## Work request
All of the data beneath this instruction is to be transcribed word for word.

## The records
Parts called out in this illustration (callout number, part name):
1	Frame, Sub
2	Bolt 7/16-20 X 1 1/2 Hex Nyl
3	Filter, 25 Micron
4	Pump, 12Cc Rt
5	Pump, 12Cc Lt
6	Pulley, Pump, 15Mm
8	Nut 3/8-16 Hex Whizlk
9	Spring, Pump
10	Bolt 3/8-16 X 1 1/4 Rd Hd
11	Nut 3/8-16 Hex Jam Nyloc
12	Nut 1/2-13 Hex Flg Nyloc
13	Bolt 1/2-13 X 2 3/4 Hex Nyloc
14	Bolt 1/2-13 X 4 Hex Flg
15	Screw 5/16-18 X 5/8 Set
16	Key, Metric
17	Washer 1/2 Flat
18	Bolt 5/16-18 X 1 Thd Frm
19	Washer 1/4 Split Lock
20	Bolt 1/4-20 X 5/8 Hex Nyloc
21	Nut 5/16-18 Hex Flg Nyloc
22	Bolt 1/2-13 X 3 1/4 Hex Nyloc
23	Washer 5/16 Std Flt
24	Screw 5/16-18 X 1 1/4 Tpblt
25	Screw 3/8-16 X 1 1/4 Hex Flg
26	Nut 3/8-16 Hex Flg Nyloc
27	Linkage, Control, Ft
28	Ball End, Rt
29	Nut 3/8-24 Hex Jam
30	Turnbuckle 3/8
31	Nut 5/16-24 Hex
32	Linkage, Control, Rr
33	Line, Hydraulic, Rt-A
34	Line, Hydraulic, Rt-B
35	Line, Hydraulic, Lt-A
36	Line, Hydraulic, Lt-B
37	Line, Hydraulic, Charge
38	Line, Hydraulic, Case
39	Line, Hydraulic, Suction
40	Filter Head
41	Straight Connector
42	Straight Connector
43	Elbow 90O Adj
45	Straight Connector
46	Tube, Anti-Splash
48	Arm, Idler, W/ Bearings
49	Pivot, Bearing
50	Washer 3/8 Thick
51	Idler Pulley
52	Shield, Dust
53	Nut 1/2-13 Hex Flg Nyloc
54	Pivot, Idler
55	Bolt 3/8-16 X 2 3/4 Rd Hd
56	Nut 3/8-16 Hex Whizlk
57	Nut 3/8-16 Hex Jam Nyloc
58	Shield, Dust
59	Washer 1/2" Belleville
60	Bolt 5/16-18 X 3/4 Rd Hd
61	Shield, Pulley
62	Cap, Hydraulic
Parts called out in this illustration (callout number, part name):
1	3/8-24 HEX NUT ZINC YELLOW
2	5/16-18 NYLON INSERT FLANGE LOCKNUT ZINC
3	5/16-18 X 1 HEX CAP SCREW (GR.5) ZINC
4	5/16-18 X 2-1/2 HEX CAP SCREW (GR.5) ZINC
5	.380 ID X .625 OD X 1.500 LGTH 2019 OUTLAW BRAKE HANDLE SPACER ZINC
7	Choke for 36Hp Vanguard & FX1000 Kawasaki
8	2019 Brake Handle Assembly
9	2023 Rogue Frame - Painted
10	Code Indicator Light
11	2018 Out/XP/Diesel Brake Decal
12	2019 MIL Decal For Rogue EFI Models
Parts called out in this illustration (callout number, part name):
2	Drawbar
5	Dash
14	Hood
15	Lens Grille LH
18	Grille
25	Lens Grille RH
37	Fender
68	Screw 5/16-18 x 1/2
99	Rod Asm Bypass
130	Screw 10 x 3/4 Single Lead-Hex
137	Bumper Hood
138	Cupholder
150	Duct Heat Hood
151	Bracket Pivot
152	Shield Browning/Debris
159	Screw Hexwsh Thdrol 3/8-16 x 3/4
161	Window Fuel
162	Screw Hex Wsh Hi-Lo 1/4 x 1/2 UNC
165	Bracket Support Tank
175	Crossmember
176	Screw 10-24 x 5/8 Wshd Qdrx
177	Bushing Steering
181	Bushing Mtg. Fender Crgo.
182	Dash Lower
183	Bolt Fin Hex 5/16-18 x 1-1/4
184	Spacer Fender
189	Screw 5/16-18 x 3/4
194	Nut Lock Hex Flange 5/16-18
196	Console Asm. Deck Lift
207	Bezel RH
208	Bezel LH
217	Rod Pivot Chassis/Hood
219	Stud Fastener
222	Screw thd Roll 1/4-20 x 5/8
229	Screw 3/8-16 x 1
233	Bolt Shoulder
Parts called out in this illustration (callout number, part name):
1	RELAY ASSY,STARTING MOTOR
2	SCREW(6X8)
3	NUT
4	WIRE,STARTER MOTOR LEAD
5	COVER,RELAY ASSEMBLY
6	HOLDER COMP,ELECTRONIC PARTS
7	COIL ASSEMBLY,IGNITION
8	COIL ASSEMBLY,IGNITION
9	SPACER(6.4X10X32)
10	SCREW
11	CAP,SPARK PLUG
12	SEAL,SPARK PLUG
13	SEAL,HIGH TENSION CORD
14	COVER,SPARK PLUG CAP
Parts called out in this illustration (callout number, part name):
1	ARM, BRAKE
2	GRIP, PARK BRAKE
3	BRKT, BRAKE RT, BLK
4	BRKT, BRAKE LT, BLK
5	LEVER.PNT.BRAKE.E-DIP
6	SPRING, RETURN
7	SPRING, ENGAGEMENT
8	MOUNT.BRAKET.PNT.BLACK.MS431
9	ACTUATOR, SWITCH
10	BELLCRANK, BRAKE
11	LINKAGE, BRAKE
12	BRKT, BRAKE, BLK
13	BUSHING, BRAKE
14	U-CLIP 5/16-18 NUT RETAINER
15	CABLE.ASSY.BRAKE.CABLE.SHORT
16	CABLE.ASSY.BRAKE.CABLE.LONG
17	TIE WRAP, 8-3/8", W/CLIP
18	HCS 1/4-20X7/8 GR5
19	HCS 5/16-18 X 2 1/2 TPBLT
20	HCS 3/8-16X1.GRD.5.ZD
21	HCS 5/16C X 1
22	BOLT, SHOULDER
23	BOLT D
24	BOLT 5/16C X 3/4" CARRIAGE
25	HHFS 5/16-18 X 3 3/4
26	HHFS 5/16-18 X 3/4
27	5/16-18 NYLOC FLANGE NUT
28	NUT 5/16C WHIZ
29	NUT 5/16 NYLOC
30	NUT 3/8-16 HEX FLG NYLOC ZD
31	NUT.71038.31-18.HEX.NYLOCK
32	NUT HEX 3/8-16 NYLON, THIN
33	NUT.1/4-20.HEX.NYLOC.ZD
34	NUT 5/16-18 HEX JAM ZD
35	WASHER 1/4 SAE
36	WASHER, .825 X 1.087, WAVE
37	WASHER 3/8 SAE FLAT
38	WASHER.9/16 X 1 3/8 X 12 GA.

## Answer to this task
Parts called out in this illustration (callout number, part name):
1	Frame, Sub
2	Bolt 7/16-20 X 1 1/2 Hex Nyl
3	Filter, 25 Micron
4	Pump, 12Cc Rt
5	Pump, 12Cc Lt
6	Pulley, Pump, 15Mm
8	Nut 3/8-16 Hex Whizlk
9	Spring, Pump
10	Bolt 3/8-16 X 1 1/4 Rd Hd
11	Nut 3/8-16 Hex Jam Nyloc
12	Nut 1/2-13 Hex Flg Nyloc
13	Bolt 1/2-13 X 2 3/4 Hex Nyloc
14	Bolt 1/2-13 X 4 Hex Flg
15	Screw 5/16-18 X 5/8 Set
16	Key, Metric
17	Washer 1/2 Flat
18	Bolt 5/16-18 X 1 Thd Frm
19	Washer 1/4 Split Lock
20	Bolt 1/4-20 X 5/8 Hex Nyloc
21	Nut 5/16-18 Hex Flg Nyloc
22	Bolt 1/2-13 X 3 1/4 Hex Nyloc
23	Washer 5/16 Std Flt
24	Screw 5/16-18 X 1 1/4 Tpblt
25	Screw 3/8-16 X 1 1/4 Hex Flg
26	Nut 3/8-16 Hex Flg Nyloc
27	Linkage, Control, Ft
28	Ball End, Rt
29	Nut 3/8-24 Hex Jam
30	Turnbuckle 3/8
31	Nut 5/16-24 Hex
32	Linkage, Control, Rr
33	Line, Hydraulic, Rt-A
34	Line, Hydraulic, Rt-B
35	Line, Hydraulic, Lt-A
36	Line, Hydraulic, Lt-B
37	Line, Hydraulic, Charge
38	Line, Hydraulic, Case
39	Line, Hydraulic, Suction
40	Filter Head
41	Straight Connector
42	Straight Connector
43	Elbow 90O Adj
45	Straight Connector
46	Tube, Anti-Splash
48	Arm, Idler, W/ Bearings
49	Pivot, Bearing
50	Washer 3/8 Thick
51	Idler Pulley
52	Shield, Dust
53	Nut 1/2-13 Hex Flg Nyloc
54	Pivot, Idler
55	Bolt 3/8-16 X 2 3/4 Rd Hd
56	Nut 3/8-16 Hex Whizlk
57	Nut 3/8-16 Hex Jam Nyloc
58	Shield, Dust
59	Washer 1/2" Belleville
60	Bolt 5/16-18 X 3/4 Rd Hd
61	Shield, Pulley
62	Cap, Hydraulic
Parts called out in this illustration (callout number, part name):
1	3/8-24 HEX NUT ZINC YELLOW
2	5/16-18 NYLON INSERT FLANGE LOCKNUT ZINC
3	5/16-18 X 1 HEX CAP SCREW (GR.5) ZINC
4	5/16-18 X 2-1/2 HEX CAP SCREW (GR.5) ZINC
5	.380 ID X .625 OD X 1.500 LGTH 2019 OUTLAW BRAKE HANDLE SPACER ZINC
7	Choke for 36Hp Vanguard & FX1000 Kawasaki
8	2019 Brake Handle Assembly
9	2023 Rogue Frame - Painted
10	Code Indicator Light
11	2018 Out/XP/Diesel Brake Decal
12	2019 MIL Decal For Rogue EFI Models
Parts called out in this illustration (callout number, part name):
2	Drawbar
5	Dash
14	Hood
15	Lens Grille LH
18	Grille
25	Lens Grille RH
37	Fender
68	Screw 5/16-18 x 1/2
99	Rod Asm Bypass
130	Screw 10 x 3/4 Single Lead-Hex
137	Bumper Hood
138	Cupholder
150	Duct Heat Hood
151	Bracket Pivot
152	Shield Browning/Debris
159	Screw Hexwsh Thdrol 3/8-16 x 3/4
161	Window Fuel
162	Screw Hex Wsh Hi-Lo 1/4 x 1/2 UNC
165	Bracket Support Tank
175	Crossmember
176	Screw 10-24 x 5/8 Wshd Qdrx
177	Bushing Steering
181	Bushing Mtg. Fender Crgo.
182	Dash Lower
183	Bolt Fin Hex 5/16-18 x 1-1/4
184	Spacer Fender
189	Screw 5/16-18 x 3/4
194	Nut Lock Hex Flange 5/16-18
196	Console Asm. Deck Lift
207	Bezel RH
208	Bezel LH
217	Rod Pivot Chassis/Hood
219	Stud Fastener
222	Screw thd Roll 1/4-20 x 5/8
229	Screw 3/8-16 x 1
233	Bolt Shoulder
Parts called out in this illustration (callout number, part name):
1	RELAY ASSY,STARTING MOTOR
2	SCREW(6X8)
3	NUT
4	WIRE,STARTER MOTOR LEAD
5	COVER,RELAY ASSEMBLY
6	HOLDER COMP,ELECTRONIC PARTS
7	COIL ASSEMBLY,IGNITION
8	COIL ASSEMBLY,IGNITION
9	SPACER(6.4X10X32)
10	SCREW
11	CAP,SPARK PLUG
12	SEAL,SPARK PLUG
13	SEAL,HIGH TENSION CORD
14	COVER,SPARK PLUG CAP
Parts called out in this illustration (callout number, part name):
1	ARM, BRAKE
2	GRIP, PARK BRAKE
3	BRKT, BRAKE RT, BLK
4	BRKT, BRAKE LT, BLK
5	LEVER.PNT.BRAKE.E-DIP
6	SPRING, RETURN
7	SPRING, ENGAGEMENT
8	MOUNT.BRAKET.PNT.BLACK.MS431
9	ACTUATOR, SWITCH
10	BELLCRANK, BRAKE
11	LINKAGE, BRAKE
12	BRKT, BRAKE, BLK
13	BUSHING, BRAKE
14	U-CLIP 5/16-18 NUT RETAINER
15	CABLE.ASSY.BRAKE.CABLE.SHORT
16	CABLE.ASSY.BRAKE.CABLE.LONG
17	TIE WRAP, 8-3/8", W/CLIP
18	HCS 1/4-20X7/8 GR5
19	HCS 5/16-18 X 2 1/2 TPBLT
20	HCS 3/8-16X1.GRD.5.ZD
21	HCS 5/16C X 1
22	BOLT, SHOULDER
23	BOLT D
24	BOLT 5/16C X 3/4" CARRIAGE
25	HHFS 5/16-18 X 3 3/4
26	HHFS 5/16-18 X 3/4
27	5/16-18 NYLOC FLANGE NUT
28	NUT 5/16C WHIZ
29	NUT 5/16 NYLOC
30	NUT 3/8-16 HEX FLG NYLOC ZD
31	NUT.71038.31-18.HEX.NYLOCK
32	NUT HEX 3/8-16 NYLON, THIN
33	NUT.1/4-20.HEX.NYLOC.ZD
34	NUT 5/16-18 HEX JAM ZD
35	WASHER 1/4 SAE
36	WASHER, .825 X 1.087, WAVE
37	WASHER 3/8 SAE FLAT
38	WASHER.9/16 X 1 3/8 X 12 GA.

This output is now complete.